• **Instructions to follow**: When you find the word "Trim" in a line of the entries, please copy the whole line.
Dataset START
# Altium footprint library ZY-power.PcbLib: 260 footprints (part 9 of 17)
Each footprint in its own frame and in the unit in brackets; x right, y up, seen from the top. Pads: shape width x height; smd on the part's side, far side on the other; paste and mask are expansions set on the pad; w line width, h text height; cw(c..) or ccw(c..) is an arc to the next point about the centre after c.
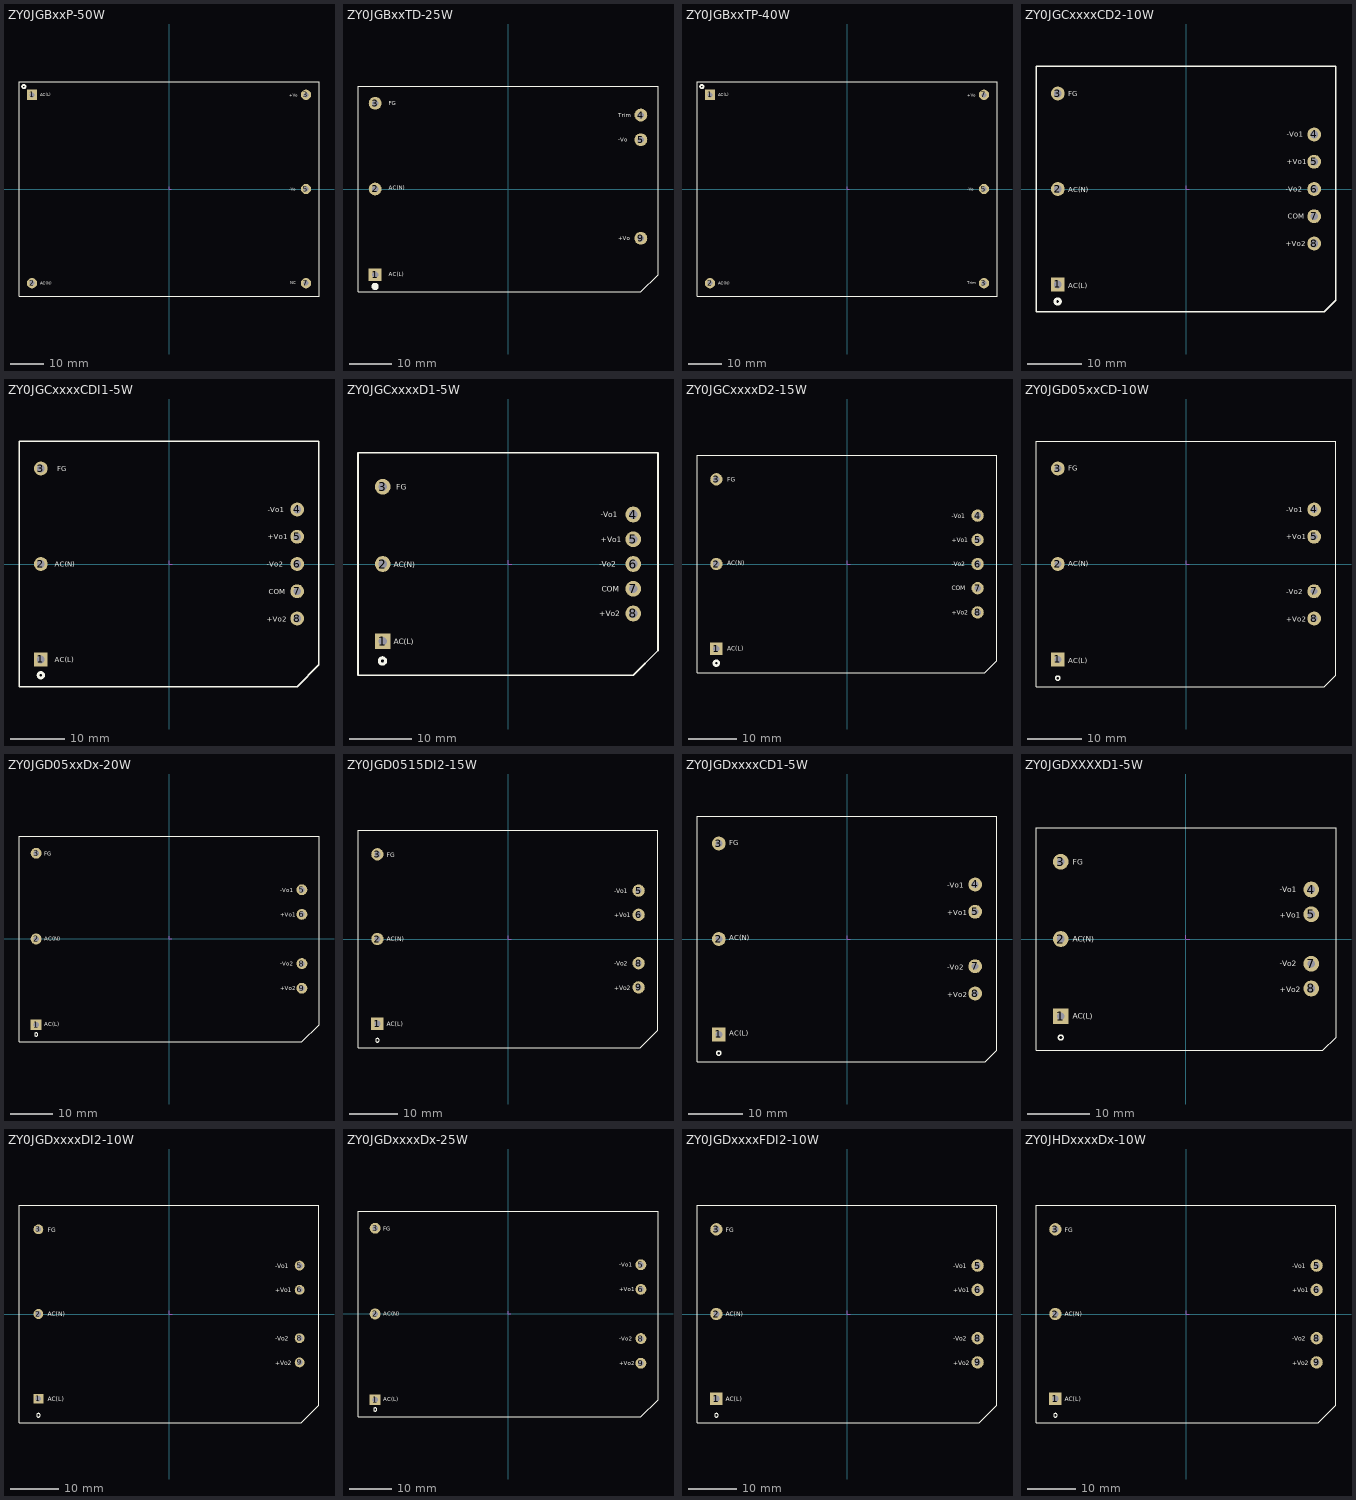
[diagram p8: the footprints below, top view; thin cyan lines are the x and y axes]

## ZY0JGBxxP-50W [mil]
height 984.25
pads (5):
  rect 120x120 hole 60: 1(-1600,1100)
  round 120 hole 60: 2(-1600,-1100) 3(1600,1100) 5(1600,0) 7(1600,-1100)
Top Overlay:
  circle w20: c-1696,1196 r20
  lines w10: -1751.97,-1250 1751.97,-1250 1751.97,1250 -1751.97,1250 -1751.97,-1250
  text "-Vo" at 1402,-19 h36
  text "AC(N)" at -1505,-1117 h36
  text "+Vo" at 1402,1079 h36
  text "AC(L)" at -1505,1083 h36
  text "NC" at 1416.66,-1114 h36
Mechanical 15:
  lines w5: 0,25 0,0 25,0

## ZY0JGBxxTD-25W [mm]
pads (6):
  rect 3x3 hole 1.5: 1(-31,-20)
  round 3 hole 1.5: 2(-31,0) 3(-31,20) 4(31,17.25) 5(31,11.5) 9(31,-11.5)
Top Overlay:
  circle w0.889: c-31.009,-22.733 r0.402
  lines w0.2: -35,-24 -35,24 35,24 35,-20 31,-24 -35,-24
  text "+Vo" at 25.781,-11.938 h0.91
  text "-Vo" at 25.781,11.049 h0.91
  text "Trim" at 25.772,16.764 h0.91
  text "FG" at -27.813,19.558 h0.91
  text "AC(N)" at -27.813,-0.229 h0.91
  text "AC(L)" at -27.813,-20.32 h0.91

## ZY0JGBxxTP-40W [mil]
height 984.25
pads (5):
  rect 120x120 hole 60: 1(-1600,1100)
  round 120 hole 60: 2(-1600,-1100) 3(1600,-1100) 5(1600,0) 7(1600,1100)
Top Overlay:
  circle w20: c-1696,1196 r20
  lines w10: -1751.97,-1250 -1751.97,1250 1751.97,1250 1751.97,-1250 -1751.97,-1250
  text "Trim" at 1401.66,-1112 h36
  text "AC(L)" at -1505,1083 h36
  text "+Vo" at 1402,1079 h36
  text "AC(N)" at -1505,-1117 h36
  text "-Vo" at 1402,-19 h36
Mechanical 15:
  lines w5: 0,25 0,0 25,0

## ZY0JGCxxxxCD2-10W [mm]
height 20.5
pads (8):
  rect 2.54x2.54 hole 1.397: 1(-23.5,-17.5)
  round 2.54 hole 1.397: 2(-23.5,0) 3(-23.5,17.5) 4(23.5,10) 5(23.5,5) 6(23.5,0) 7(23.5,-5) 8(23.5,-10)
Top Overlay:
  circle w0.508: c-23.52,-20.625 r0.508
  lines w0.254: -27.5,-22.5 25.379,-22.5 27.5,-20.379 27.5,22.5 -27.5,22.5 -27.5,-22.5
  text "+Vo2" at 18.295,-10.49 h0.91
  text "-Vo2" at 18.295,-0.47 h0.91
  text "-Vo1" at 18.491,9.55 h0.91
  text "COM" at 18.659,-5.48 h0.91
  text "+Vo1" at 18.491,4.54 h0.91
  text "FG" at -21.595,17.043 h0.91
  text "AC(N)" at -21.595,-0.572 h0.91
  text "AC(L)" at -21.595,-18.186 h0.91
Mechanical 15:
  lines w0.127: 0,0.635 0,0 0.635,0

## ZY0JGCxxxxCDI1-5W [mm]
height 20.5
pads (8):
  rect 2.54x2.54 hole 1.397: 1(-23.5,-17.5)
  round 2.54 hole 1.397: 2(-23.5,0) 3(-23.5,17.5) 4(23.5,10) 5(23.5,5) 6(23.5,0) 7(23.5,-5) 8(23.5,-10)
Top Overlay:
  circle w0.508: c-23.495,-20.396 r0.508
  lines w0.254: -27.5,-22.5 23.5,-22.5 27.5,-18.5 27.5,22.5 -27.5,22.5 -27.5,-22.5
  text "COM" at 18.303,-5.544 h0.91
  text "FG" at -20.523,17.018 h0.91
  text "AC(N)" at -20.955,-0.508 h0.91
  text "-Vo1" at 18.136,9.525 h0.91
  text "+Vo1" at 18.136,4.502 h0.91
  text "AC(L)" at -20.955,-17.983 h0.91
  text "-Vo2" at 17.94,-0.521 h0.91
  text "+Vo2" at 17.94,-10.566 h0.91
Mechanical 15:
  lines w0.127: 0,0.635 0,0 0.635,0

## ZY0JGCxxxxD1-5W [mm]
height 20.5
pads (8):
  rect 2.54x2.54 hole 1.397: 1(-20.25,-12.5)
  round 2.54 hole 1.397: 2(-20.25,0) 3(-20.25,12.5) 4(20.25,8) 5(20.25,4) 6(20.25,0) 7(20.25,-4) 8(20.25,-8)
Top Overlay:
  circle w0.508: c-20.295,-15.672 r0.508
  lines w0.254: -24.25,-18 -24.25,18 24.25,18 24.25,-14 20.25,-18 -24.25,-18
  text "AC(L)" at -18.466,-12.954 h0.91
  text "+Vo1" at 14.961,3.518 h0.91
  text "-Vo1" at 14.961,7.518 h0.91
  text "AC(N)" at -18.466,-0.533 h0.91
  text "FG" at -18.059,12.014 h0.91
  text "COM" at 15.128,-4.483 h0.91
  text "-Vo2" at 14.765,-0.483 h0.91
  text "+Vo2" at 14.765,-8.484 h0.91
Mechanical 15:
  lines w0.127: 0,0.635 0,0 0.635,0

## ZY0JGCxxxxD2-15W [mm]
height 22.5
pads (8):
  rect 2.54x2.54 hole 1.397: 1(-27,-17.5)
  round 2.54 hole 1.397: 2(-27,0) 3(-27,17.5) 4(27,10) 5(27,5) 6(27,0) 7(27,-5) 8(27,-10)
Top Overlay:
  circle w0.508: c-27,-20.498 r0.508
  lines w0.254: -31,-22.5 28.503,-22.5 31,-20.003 31,22.5 -31,22.5 -31,-22.5
  text "-Vo1" at 21.676,9.5 h0.91
  text "+Vo2" at 21.676,-10.439 h0.91
  text "FG" at -24.719,17.043 h0.91
  text "AC(N)" at -24.719,-0.267 h0.91
  text "AC(L)" at -24.719,-17.882 h0.91
  text "+Vo1" at 21.676,4.516 h0.91
  text "-Vo2" at 21.676,-0.469 h0.91
  text "COM" at 21.676,-5.454 h0.91
Mechanical 15:
  lines w0.127: 0,0.635 0,0 0.635,0

## ZY0JGD05xxCD-10W [mm]
pads (7):
  rect 2.54x2.54 hole 1.27: 1(-23.5,-17.5)
  round 2.54 hole 1.27: 2(-23.5,0) 3(-23.5,17.5) 4(23.5,10) 5(23.5,5) 7(23.5,-5) 8(23.5,-10)
Top Overlay:
  circle w0.254: c-23.5,-20.929 r0.381
  lines w0.127: -27.5,-22.5 -27.5,22.5 27.5,22.5 27.5,-20.379 25.379,-22.5 -27.5,-22.5
  text "-Vo2" at 18.42,-5.5 h0.91
  text "+Vo1" at 18.42,4.5 h0.91
  text "AC(L)" at -21.59,-18.161 h0.91
  text "AC(N)" at -21.595,-0.457 h0.91
  text "FG" at -21.595,17.069 h0.91
  text "+Vo2" at 18.42,-10.566 h0.91
  text "-Vo1" at 18.42,9.5 h0.91
Mechanical 15:
  lines w0.127: 0,0.635 0,0 0.635,0

## ZY0JGD05xxDx-20W [mm]
pads (7):
  rect 2.54x2.54 hole 1.27: 1(-31,-20)
  round 2.54 hole 1.27: 2(-31,0) 3(-31,20) 5(31,11.5) 6(31,5.75) 8(31,-5.75) 9(31,-11.5)
Top Overlay:
  circle w0.254: c-31,-22.286 r0.381
  lines w0.254: -35,-24.003 30.988,-24.003 35,-19.991 35,24 -35,24 -35,-24.003
  text "FG" at -29.095,19.431 h0.91
  text "AC(N)" at -29.095,-0.356 h0.91
  text "AC(L)" at -29.095,-20.356 h0.91
  text "+Vo2" at 25.92,-11.938 h0.91
  text "-Vo2" at 25.92,-6.223 h0.91
  text "-Vo1" at 25.92,10.922 h0.91
  text "+Vo1" at 25.92,5.207 h0.91
Mechanical 15:
  lines w0.127: 0,0.635 0,0 0.635,0

## ZY0JGD0515DI2-15W [mm]
pads (7):
  rect 2.54x2.54 hole 1.27: 1(-27,-17.5)
  round 2.54 hole 1.27: 2(-27,0) 3(-27,17.5) 5(27,10) 6(27,5) 8(27,-5) 9(27,-10)
Top Overlay:
  circle w0.254: c-27,-20.929 r0.381
  lines w0.254: -31,-22.5 -31,22.5 31,22.5 31,-18.825 27.325,-22.5 -31,-22.5
  text "FG" at -25.095,16.942 h0.91
  text "AC(N)" at -25.095,-0.457 h0.91
  text "AC(L)" at -25.095,-18.034 h0.91
  text "-Vo2" at 21.92,-5.5 h0.91
  text "+Vo1" at 21.92,4.5 h0.91
  text "+Vo2" at 21.92,-10.566 h0.91
  text "-Vo1" at 21.92,9.5 h0.91
Mechanical 15:
  lines w0.127: 0,0.635 0,0 0.635,0

## ZY0JGDxxxxCD1-5W [mm]
pads (7):
  rect 2.54x2.54 hole 1.27: 1(-23.5,-17.5)
  round 2.54 hole 1.27: 2(-23.5,0) 3(-23.5,17.5) 4(23.5,10) 5(23.5,5) 7(23.5,-5) 8(23.5,-10)
Top Overlay:
  circle w0.254: c-23.5,-20.929 r0.381
  lines w0.127: -27.5,-22.5 -27.5,22.5 27.5,22.5 27.5,-20.379 25.379,-22.5 -27.5,-22.5
  text "-Vo2" at 18.42,-5.627 h0.91
  text "+Vo1" at 18.42,4.373 h0.91
  text "AC(L)" at -21.595,-17.729 h0.91
  text "AC(N)" at -21.595,-0.203 h0.91
  text "FG" at -21.595,17.196 h0.91
  text "+Vo2" at 18.42,-10.693 h0.91
  text "-Vo1" at 18.42,9.373 h0.91
Mechanical 15:
  lines w0.127: 0,0.635 0,0 0.635,0

## ZY0JGDXXXXD1-5W [mm]
pads (7):
  rect 2.54x2.54 hole 1.27: 1(-20.25,-12.5)
  round 2.54 hole 1.27: 2(-20.25,0) 3(-20.25,12.5) 4(20.25,8) 5(20.25,4) 7(20.25,-4) 8(20.25,-8)
Top Overlay:
  circle w0.254: c-20.25,-15.929 r0.381
  lines w0.127: -24.25,-18 22.129,-18 24.25,-15.879 24.25,18 -24.25,18 -24.25,-18
  text "-Vo1" at 15.17,7.544 h0.91
  text "+Vo2" at 15.17,-8.585 h0.91
  text "FG" at -18.345,11.963 h0.91
  text "AC(N)" at -18.345,-0.432 h0.91
  text "AC(L)" at -18.345,-12.878 h0.91
  text "+Vo1" at 15.17,3.429 h0.91
  text "-Vo2" at 15.17,-4.445 h0.91
Mechanical 15:
  lines w0.127: 0,0.635 0,0 0.635,0

## ZY0JGDxxxxDI2-10W [mil]
pads (7):
  rect 80x80 hole 45: 1(-1062.99,-688.98)
  round 80 hole 45: 2(-1062.99,0) 3(-1062.99,688.98) 5(1062.99,393.7) 6(1062.99,196.85) 8(1062.99,-196.85) 9(1062.99,-393.7)
Top Overlay:
  circle w10: c-1062.99,-823.98 r15
  lines w10: -1220.47,-885.83 1075.79,-885.83 1220.47,-741.14 1220.47,885.83 -1220.47,885.83 -1220.47,-885.83
  text "-Vo1" at 862.99,374 h36
  text "+Vo2" at 862.99,-416 h36
  text "+Vo1" at 862.99,177.15 h36
  text "-Vo2" at 862.99,-216.55 h36
  text "AC(L)" at -987.99,-710 h36
  text "AC(N)" at -987.99,-18 h36
  text "FG" at -987.99,667 h36
Mechanical 15:
  lines w5: 0,25 0,0 25,0

## ZY0JGDxxxxDx-25W [mm]
pads (7):
  rect 2.54x2.54 hole 1.27: 1(-31,-20)
  round 2.54 hole 1.27: 2(-31,0) 3(-31,20) 5(31,11.5) 6(31,5.75) 8(31,-5.75) 9(31,-11.5)
Top Overlay:
  circle w0.254: c-31,-22.286 r0.381
  lines w0.254: -35,-24.003 -35,24 35,24 35,-19.991 30.988,-24.003 -35,-24.003
  text "+Vo1" at 25.92,5.334 h0.91
  text "-Vo1" at 25.92,11.049 h0.91
  text "-Vo2" at 25.92,-6.223 h0.91
  text "+Vo2" at 25.92,-11.938 h0.91
  text "AC(L)" at -29.095,-20.356 h0.91
  text "AC(N)" at -29.095,-0.356 h0.91
  text "FG" at -29.095,19.431 h0.91
Mechanical 15:
  lines w0.127: 0,0.635 0,0 0.635,0

## ZY0JGDxxxxFDI2-10W [mm]
pads (7):
  rect 2.54x2.54 hole 1.27: 1(-27,-17.5)
  round 2.54 hole 1.27: 2(-27,0) 3(-27,17.5) 5(27,10) 6(27,5) 8(27,-5) 9(27,-10)
Top Overlay:
  circle w0.254: c-27,-20.929 r0.381
  lines w0.254: -31,-22.5 27.325,-22.5 31,-18.825 31,22.5 -31,22.5 -31,-22.5
  text "-Vo1" at 21.92,9.5 h0.91
  text "+Vo2" at 21.92,-10.566 h0.91
  text "+Vo1" at 21.92,4.5 h0.91
  text "-Vo2" at 21.92,-5.5 h0.91
  text "AC(L)" at -25.095,-18.034 h0.91
  text "AC(N)" at -25.095,-0.457 h0.91
  text "FG" at -25.095,16.942 h0.91
Mechanical 15:
  lines w0.127: 0,0.635 0,0 0.635,0

## ZY0JHDxxxxDx-10W [mm]
pads (7):
  rect 2.54x2.54 hole 1.27: 1(-27,-17.5)
  round 2.54 hole 1.27: 2(-27,0) 3(-27,17.5) 5(27,10) 6(27,5) 8(27,-5) 9(27,-10)
Top Overlay:
  circle w0.254: c-27,-20.929 r0.381
  lines w0.254: -31,-22.5 -31,22.5 31,22.5 31,-18.825 27.325,-22.5 -31,-22.5
  text "FG" at -25.095,16.942 h0.91
  text "AC(N)" at -25.095,-0.457 h0.91
  text "AC(L)" at -25.095,-18.034 h0.91
  text "-Vo2" at 21.92,-5.5 h0.91
  text "+Vo1" at 21.92,4.5 h0.91
  text "+Vo2" at 21.92,-10.566 h0.91
  text "-Vo1" at 21.92,9.5 h0.91
Mechanical 15:
  lines w0.127: 0,0.635 0,0 0.635,0
Dataset END
• **Reply**:
  text "Trim" at 25.772,16.764 h0.91
  text "Trim" at 1401.66,-1112 h36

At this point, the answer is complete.